Radio Jackie MuseumPosted: August 16, 2009
Here are some pictures that I meant to put online back in April, but with all the stuff going on with the book launches etc, it just slipped my mind.
I’ve posted before about Radio Jackie, and how its modern-day operation still keeps that local flavour and feeling that it had in the pirate days back in the 1980s. Indeed, many of the same people still work for it, including one of my longest-standing friends in the world of broadcasting, Geoff Rogers, who after the closure of Jackie in February 1985 moved to South East Sound, where he helped me prepare and record my first ever programmes.
When I was over in London in early April for the launch of Shiprocked, I made sure to call out to the Jackie studios in Tolworth, where Geoff made me really welcome. And I was amazed to see that even though it has been legal for a number of years now, and is a really successful and thriving commercial business, that they haven’t forgotten where they came from. When you enter Jackie’s studio complex on Tolworth Broadway, the first thing you see is the “Jackie Museum” a little display of press cuttings, photos, and original equipment from the pirate era. It’s a nice touch, harking back to their roots in the community, and great for the anorak in me too.
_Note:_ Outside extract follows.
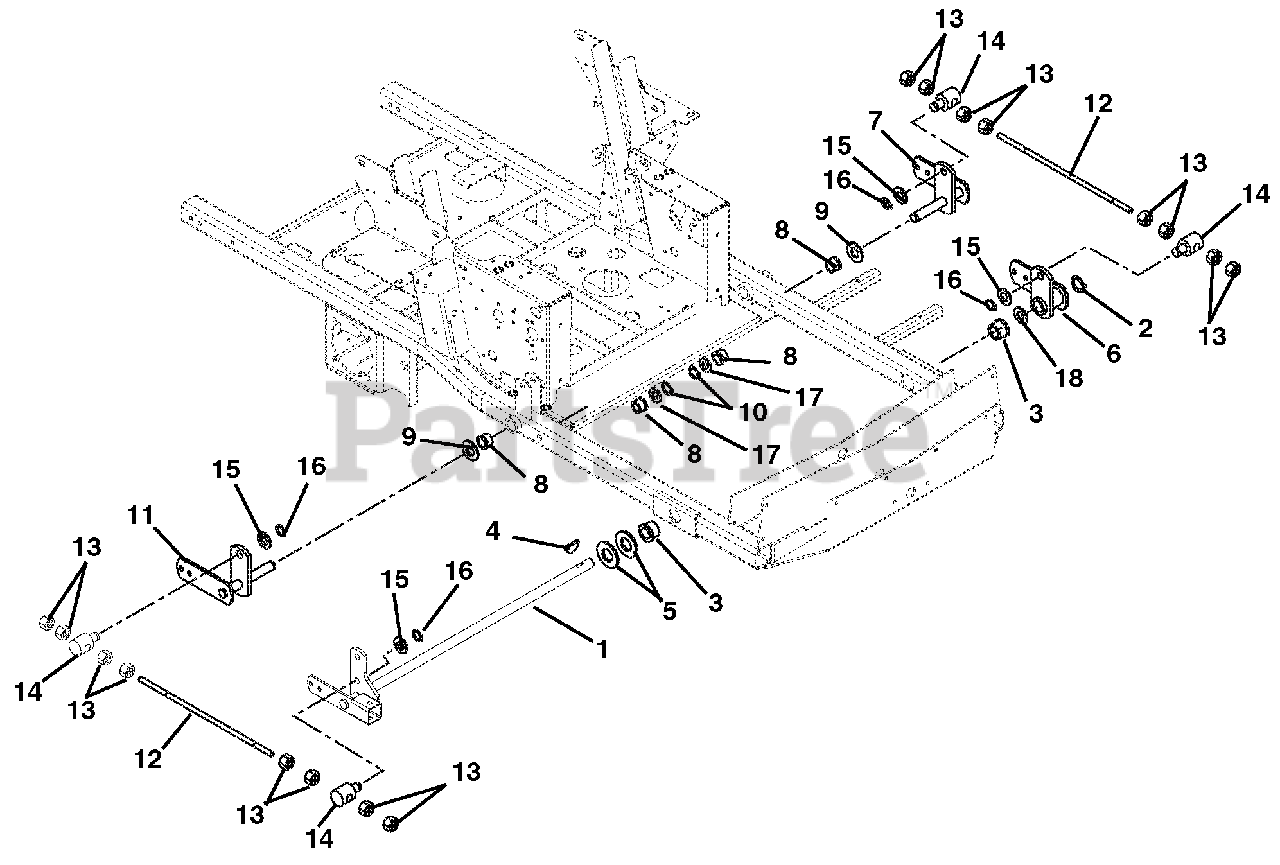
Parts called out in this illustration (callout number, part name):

I came to know a number of the Jackie people over the years after it closed, working with some of them on South East Sound (Geoff) or Radio Caroline (Richard Jackson, Peter Philips) but my only involvement with Jackie was as a listener. When I arrived in South West London as an Irish emigrant in 1984, I quickly found Caroline for music (joined shortly by Laser) and within a week or two had come across Radio Jackie, which told me everything I needed to know about the area I was now living in, and entertained me too.
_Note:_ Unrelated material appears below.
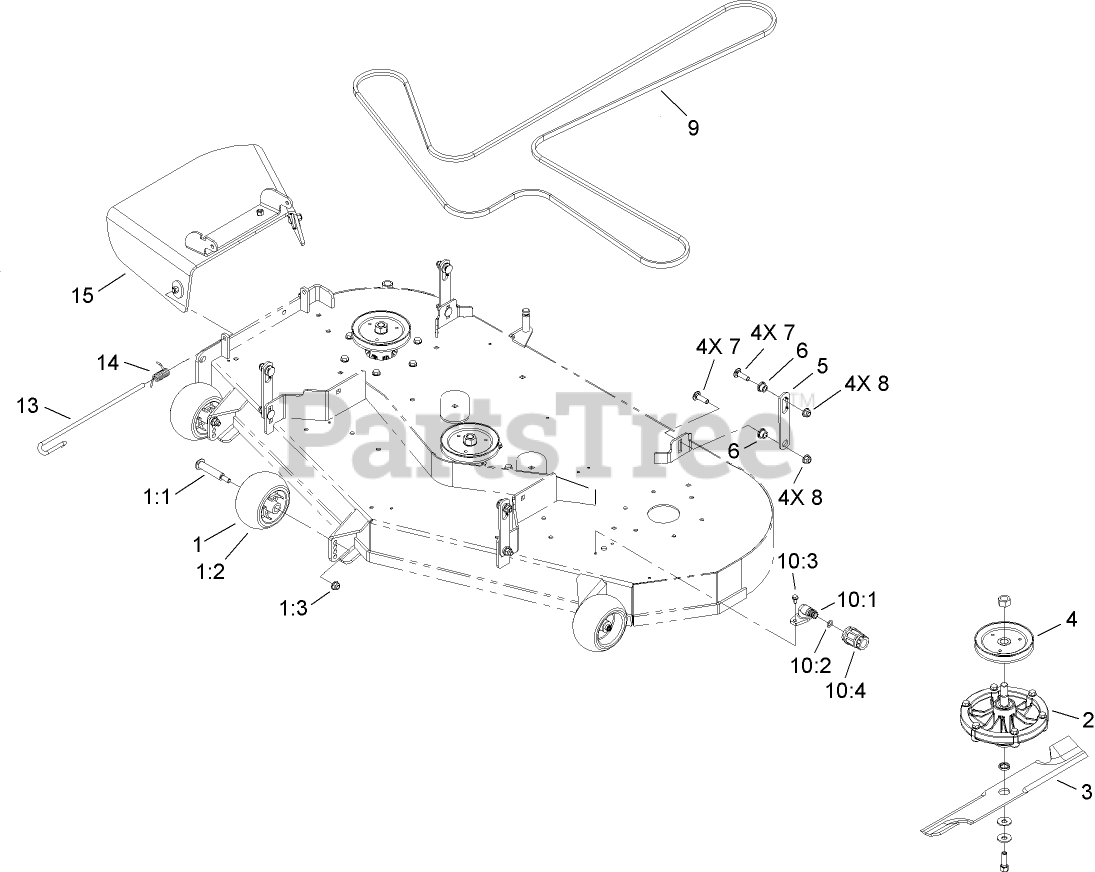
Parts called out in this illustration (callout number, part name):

I did actually have one, tiny and insignificant part, in the Jackie pirate era. Six months or so after the final closure in Feb 85, a group of us from South East Sound came to a house on a suburban road in Cheam one Saturday afternoon, to assist in the lowering and dismantling of Jackie’s mediumwave aerial array, a sad and symbolic task.
I didn’t think Jackie would ever be back after that, but time proved me wrong.
It’s great to see the station remembering its past with the display at the Tolworth studios, though the great and truly local content they are broadcasting is a better monunment still.